Source records:

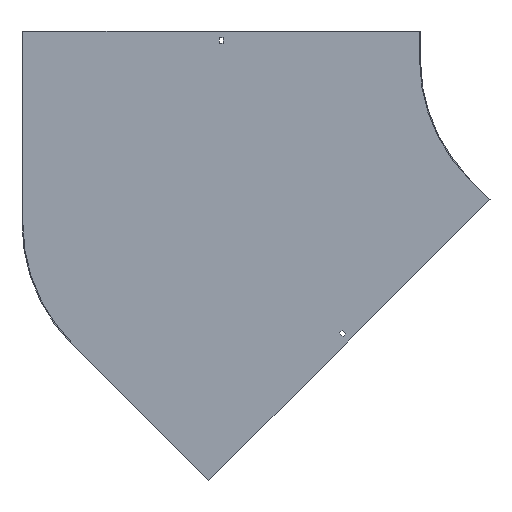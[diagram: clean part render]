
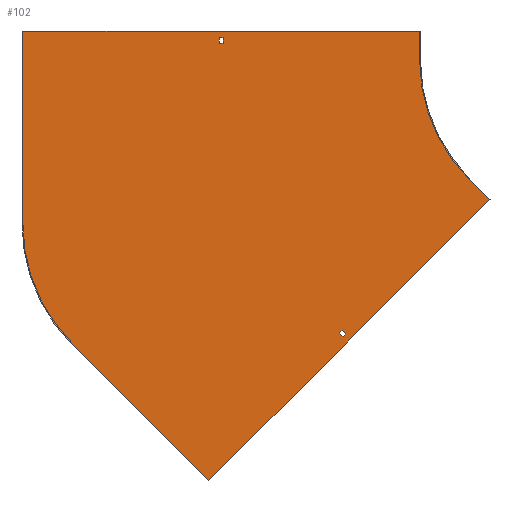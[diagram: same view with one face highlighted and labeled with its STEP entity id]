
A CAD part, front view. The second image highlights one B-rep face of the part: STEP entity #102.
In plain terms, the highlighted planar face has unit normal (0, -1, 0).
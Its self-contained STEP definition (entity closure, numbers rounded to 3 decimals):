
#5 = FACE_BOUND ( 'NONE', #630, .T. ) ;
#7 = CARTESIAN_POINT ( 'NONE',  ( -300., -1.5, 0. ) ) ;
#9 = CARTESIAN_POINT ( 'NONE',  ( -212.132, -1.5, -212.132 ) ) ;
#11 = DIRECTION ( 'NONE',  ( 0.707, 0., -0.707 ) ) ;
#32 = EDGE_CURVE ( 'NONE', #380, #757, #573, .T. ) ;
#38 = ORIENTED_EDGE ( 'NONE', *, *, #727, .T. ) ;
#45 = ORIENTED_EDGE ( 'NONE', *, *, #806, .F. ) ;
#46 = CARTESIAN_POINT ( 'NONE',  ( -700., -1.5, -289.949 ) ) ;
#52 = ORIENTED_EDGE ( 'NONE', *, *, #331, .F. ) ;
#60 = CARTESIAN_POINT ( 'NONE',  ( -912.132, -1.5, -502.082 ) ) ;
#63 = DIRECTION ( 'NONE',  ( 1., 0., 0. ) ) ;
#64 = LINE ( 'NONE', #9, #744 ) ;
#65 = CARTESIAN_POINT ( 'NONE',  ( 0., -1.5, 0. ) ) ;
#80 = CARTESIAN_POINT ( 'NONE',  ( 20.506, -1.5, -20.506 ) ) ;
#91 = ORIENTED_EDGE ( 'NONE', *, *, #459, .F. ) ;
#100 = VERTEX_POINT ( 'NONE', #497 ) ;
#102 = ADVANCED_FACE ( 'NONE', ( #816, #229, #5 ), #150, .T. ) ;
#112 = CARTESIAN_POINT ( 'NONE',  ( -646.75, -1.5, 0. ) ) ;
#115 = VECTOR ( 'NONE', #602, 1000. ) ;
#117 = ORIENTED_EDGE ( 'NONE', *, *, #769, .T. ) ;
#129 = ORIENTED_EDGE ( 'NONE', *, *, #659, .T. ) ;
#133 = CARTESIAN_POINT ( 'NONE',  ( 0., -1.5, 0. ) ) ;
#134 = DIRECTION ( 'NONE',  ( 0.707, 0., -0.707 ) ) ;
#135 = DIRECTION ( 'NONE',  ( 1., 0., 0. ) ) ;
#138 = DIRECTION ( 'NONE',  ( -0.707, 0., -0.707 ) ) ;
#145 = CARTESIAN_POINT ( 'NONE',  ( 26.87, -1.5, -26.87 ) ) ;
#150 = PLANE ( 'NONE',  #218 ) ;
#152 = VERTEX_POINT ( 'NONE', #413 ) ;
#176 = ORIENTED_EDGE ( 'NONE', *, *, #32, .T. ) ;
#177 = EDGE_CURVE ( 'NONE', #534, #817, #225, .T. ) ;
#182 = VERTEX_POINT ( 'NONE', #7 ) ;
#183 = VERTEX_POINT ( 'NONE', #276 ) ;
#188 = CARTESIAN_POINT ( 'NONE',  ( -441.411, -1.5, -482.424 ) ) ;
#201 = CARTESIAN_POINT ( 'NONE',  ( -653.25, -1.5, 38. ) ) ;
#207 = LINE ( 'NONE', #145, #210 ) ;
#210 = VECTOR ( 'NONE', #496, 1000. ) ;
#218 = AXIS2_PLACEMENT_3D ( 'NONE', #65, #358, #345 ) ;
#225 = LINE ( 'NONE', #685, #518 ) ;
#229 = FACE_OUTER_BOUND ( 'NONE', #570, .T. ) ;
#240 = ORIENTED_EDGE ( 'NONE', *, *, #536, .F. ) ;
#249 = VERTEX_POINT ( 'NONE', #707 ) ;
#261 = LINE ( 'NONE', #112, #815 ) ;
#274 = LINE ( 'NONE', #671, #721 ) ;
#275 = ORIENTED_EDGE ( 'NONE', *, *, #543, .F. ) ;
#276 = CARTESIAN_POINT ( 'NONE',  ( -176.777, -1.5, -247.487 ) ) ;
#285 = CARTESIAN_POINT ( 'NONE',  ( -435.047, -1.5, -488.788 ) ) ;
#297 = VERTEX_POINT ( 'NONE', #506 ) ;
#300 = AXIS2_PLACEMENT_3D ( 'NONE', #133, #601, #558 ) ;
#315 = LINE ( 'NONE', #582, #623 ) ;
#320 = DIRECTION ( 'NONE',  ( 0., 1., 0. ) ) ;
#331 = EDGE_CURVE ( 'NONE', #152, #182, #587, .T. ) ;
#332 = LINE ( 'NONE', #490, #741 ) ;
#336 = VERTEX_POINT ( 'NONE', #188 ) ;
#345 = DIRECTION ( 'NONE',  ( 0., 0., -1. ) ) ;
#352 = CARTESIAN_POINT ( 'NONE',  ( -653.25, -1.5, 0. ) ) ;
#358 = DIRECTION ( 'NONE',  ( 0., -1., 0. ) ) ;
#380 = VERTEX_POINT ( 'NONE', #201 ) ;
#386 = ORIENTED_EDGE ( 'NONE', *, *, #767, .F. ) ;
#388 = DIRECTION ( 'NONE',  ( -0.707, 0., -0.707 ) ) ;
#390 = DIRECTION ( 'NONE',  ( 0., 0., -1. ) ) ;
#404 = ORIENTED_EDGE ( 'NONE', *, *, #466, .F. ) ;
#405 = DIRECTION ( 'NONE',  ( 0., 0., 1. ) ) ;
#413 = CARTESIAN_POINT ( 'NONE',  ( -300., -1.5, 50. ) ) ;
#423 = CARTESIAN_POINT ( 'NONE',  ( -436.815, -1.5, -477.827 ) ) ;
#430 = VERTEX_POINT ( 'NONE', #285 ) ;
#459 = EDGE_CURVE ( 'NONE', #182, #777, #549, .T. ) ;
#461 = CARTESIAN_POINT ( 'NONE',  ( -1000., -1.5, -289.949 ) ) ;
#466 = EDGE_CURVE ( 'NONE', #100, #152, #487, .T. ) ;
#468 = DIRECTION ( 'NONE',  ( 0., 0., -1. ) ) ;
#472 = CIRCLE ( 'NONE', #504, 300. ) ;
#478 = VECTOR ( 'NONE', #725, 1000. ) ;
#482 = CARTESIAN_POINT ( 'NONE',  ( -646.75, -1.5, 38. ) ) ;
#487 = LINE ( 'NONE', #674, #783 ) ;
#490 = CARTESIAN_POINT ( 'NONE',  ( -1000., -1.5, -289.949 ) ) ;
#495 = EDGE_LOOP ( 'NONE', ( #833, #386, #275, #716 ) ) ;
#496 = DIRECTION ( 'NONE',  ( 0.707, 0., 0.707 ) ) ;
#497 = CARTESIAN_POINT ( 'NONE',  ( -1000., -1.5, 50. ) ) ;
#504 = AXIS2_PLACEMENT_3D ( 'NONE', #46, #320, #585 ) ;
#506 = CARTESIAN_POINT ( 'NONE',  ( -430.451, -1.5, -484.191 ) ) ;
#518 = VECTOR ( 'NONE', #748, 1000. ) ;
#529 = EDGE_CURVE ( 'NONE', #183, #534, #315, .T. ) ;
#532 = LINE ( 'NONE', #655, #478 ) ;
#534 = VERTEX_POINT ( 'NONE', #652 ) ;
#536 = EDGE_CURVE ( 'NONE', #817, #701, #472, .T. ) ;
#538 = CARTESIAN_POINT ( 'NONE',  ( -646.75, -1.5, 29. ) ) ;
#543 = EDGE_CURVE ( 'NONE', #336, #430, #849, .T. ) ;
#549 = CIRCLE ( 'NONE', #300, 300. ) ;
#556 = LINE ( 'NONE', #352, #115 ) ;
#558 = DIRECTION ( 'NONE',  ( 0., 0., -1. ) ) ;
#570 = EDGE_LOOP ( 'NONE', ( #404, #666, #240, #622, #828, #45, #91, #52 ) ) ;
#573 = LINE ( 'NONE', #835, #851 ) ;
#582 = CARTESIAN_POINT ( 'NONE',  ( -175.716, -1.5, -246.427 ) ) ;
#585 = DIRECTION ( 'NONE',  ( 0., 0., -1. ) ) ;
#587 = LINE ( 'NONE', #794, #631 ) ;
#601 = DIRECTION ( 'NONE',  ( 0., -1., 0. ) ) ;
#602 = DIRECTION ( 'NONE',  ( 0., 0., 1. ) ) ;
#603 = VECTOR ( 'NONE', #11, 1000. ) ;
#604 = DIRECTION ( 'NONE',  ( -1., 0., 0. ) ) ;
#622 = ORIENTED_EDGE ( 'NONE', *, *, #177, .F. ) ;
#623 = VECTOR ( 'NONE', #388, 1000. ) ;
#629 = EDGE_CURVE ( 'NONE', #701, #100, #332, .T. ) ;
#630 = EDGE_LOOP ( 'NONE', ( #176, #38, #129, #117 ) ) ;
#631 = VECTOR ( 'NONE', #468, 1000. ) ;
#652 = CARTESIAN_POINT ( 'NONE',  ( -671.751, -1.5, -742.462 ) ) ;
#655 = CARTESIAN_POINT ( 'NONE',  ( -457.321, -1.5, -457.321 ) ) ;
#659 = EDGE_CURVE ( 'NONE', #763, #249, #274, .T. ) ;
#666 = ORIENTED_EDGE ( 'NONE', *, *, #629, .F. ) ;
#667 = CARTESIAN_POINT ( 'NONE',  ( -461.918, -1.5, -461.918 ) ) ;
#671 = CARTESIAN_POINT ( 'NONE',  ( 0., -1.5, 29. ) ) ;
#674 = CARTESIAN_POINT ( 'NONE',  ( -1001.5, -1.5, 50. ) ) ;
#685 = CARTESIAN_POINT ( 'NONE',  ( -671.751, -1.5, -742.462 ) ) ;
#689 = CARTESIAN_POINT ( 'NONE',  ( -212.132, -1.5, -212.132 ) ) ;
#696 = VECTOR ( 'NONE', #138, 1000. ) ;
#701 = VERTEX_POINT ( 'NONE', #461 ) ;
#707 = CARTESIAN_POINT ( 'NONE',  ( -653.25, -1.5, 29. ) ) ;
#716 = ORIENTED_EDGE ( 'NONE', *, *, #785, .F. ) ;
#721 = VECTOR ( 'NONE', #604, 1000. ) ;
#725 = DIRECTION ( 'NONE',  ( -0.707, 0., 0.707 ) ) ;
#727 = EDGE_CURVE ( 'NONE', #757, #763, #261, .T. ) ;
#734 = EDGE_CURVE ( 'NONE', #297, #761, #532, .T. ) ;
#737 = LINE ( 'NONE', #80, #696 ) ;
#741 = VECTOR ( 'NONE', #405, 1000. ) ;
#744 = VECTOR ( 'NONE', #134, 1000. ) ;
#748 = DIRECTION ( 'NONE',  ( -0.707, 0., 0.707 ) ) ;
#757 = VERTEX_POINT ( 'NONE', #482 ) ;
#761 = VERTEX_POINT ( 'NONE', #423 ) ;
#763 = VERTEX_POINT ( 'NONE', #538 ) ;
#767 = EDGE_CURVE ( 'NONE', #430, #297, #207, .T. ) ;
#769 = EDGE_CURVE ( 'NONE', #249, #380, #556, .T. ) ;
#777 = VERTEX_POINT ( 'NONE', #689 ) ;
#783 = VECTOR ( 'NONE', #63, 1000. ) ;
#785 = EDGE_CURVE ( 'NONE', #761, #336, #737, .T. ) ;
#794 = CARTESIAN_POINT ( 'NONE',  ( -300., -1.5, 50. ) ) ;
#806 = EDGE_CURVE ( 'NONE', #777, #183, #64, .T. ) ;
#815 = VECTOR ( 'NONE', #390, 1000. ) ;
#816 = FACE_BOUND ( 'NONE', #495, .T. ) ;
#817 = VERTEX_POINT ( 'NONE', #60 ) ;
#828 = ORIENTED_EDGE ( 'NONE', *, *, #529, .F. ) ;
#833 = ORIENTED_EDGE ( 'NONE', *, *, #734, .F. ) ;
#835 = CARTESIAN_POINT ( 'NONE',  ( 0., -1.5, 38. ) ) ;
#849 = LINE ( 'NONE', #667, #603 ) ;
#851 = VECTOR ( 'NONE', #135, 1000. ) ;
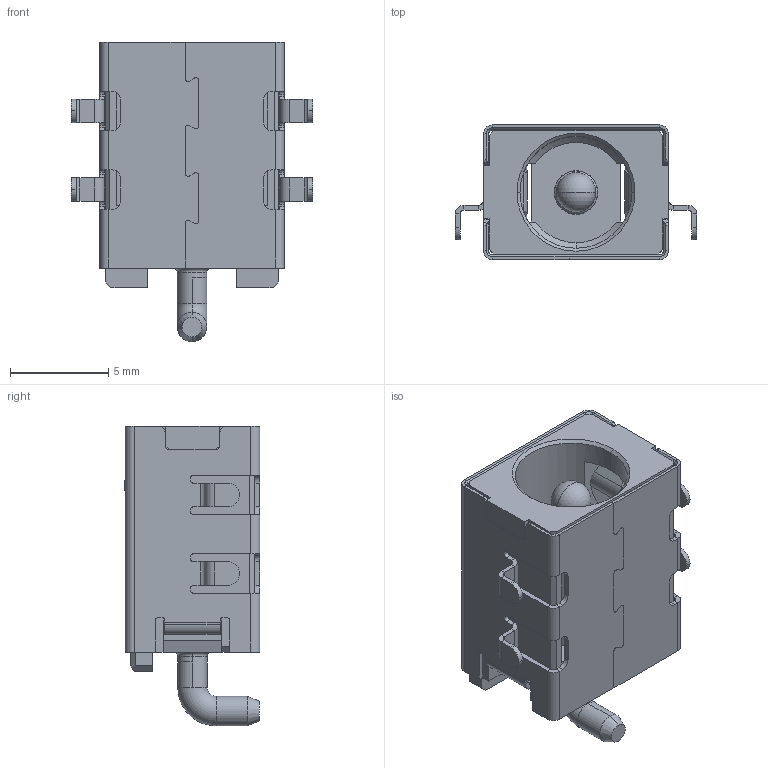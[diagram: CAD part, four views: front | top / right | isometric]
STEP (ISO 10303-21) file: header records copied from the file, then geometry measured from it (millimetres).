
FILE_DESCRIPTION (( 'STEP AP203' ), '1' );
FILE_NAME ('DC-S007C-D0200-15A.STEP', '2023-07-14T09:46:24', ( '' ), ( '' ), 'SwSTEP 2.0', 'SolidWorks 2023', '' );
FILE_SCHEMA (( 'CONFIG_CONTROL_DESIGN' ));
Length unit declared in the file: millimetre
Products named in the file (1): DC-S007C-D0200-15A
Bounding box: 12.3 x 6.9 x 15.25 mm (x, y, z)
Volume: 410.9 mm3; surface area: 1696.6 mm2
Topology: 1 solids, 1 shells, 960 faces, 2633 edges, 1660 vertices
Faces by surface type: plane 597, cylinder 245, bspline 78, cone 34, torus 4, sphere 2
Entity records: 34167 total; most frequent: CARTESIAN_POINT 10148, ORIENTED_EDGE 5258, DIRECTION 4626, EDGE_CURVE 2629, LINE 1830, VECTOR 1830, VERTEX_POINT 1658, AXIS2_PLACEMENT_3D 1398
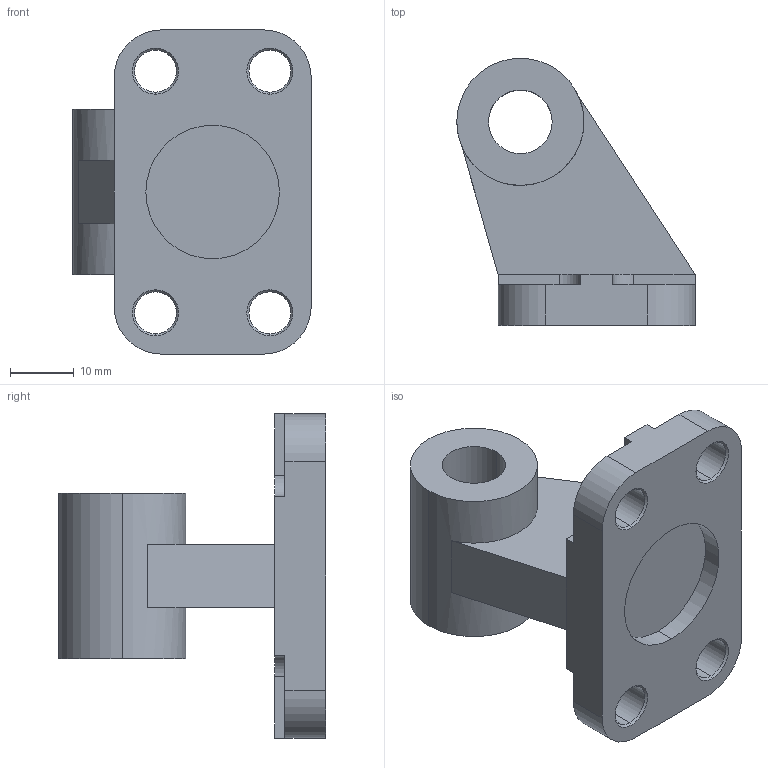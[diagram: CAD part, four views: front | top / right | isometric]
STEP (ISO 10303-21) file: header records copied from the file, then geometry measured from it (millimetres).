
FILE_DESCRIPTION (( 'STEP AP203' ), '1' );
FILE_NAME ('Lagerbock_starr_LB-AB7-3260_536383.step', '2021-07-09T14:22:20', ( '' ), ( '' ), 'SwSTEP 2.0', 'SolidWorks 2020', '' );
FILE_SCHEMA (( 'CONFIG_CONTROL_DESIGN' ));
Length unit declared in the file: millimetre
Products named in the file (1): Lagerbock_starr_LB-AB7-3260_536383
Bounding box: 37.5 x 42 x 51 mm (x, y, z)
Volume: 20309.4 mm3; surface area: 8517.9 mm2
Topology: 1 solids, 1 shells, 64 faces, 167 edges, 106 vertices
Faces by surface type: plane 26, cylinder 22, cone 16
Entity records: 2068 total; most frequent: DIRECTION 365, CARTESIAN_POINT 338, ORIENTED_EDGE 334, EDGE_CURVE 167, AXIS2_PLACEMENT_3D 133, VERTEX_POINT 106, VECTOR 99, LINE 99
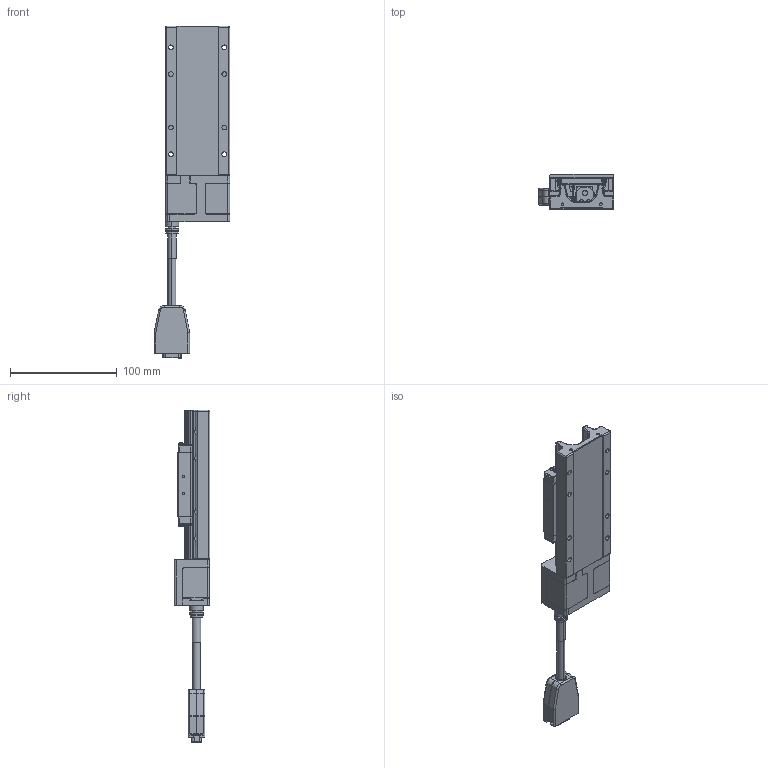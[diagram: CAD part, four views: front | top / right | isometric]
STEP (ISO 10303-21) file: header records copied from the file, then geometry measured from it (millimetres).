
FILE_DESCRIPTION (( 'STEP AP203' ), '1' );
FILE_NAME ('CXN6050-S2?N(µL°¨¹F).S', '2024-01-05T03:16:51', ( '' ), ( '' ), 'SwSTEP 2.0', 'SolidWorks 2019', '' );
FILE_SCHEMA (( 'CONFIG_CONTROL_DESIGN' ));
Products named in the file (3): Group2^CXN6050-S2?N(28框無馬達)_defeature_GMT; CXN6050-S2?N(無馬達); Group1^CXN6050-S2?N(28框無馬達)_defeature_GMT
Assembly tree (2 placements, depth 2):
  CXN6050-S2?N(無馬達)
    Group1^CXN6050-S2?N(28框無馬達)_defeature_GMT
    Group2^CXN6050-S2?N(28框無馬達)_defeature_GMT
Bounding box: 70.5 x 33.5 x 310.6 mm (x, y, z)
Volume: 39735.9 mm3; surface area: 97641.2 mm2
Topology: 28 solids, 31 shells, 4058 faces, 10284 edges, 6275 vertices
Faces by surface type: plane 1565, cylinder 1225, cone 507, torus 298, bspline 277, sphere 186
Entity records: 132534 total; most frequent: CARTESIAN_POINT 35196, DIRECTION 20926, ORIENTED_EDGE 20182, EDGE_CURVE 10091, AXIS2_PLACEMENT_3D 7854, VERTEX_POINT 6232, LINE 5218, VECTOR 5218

WHAT YOU SHOULD DO —
The required answer is the run of lines above, starting at the line with "#188 = CARTESIAN_POINT" and ending at the line with "#240 = ORIENTED_EDGE", reproduced exactly with both ends.

ANSWER TO THE PROBLEM —
#188 = CARTESIAN_POINT ( 'NONE',  ( -441.411, -1.5, -482.424 ) ) ;
#201 = CARTESIAN_POINT ( 'NONE',  ( -653.25, -1.5, 38. ) ) ;
#207 = LINE ( 'NONE', #145, #210 ) ;
#210 = VECTOR ( 'NONE', #496, 1000. ) ;
#218 = AXIS2_PLACEMENT_3D ( 'NONE', #65, #358, #345 ) ;
#225 = LINE ( 'NONE', #685, #518 ) ;
#229 = FACE_OUTER_BOUND ( 'NONE', #570, .T. ) ;
#240 = ORIENTED_EDGE ( 'NONE', *, *, #536, .F. ) ;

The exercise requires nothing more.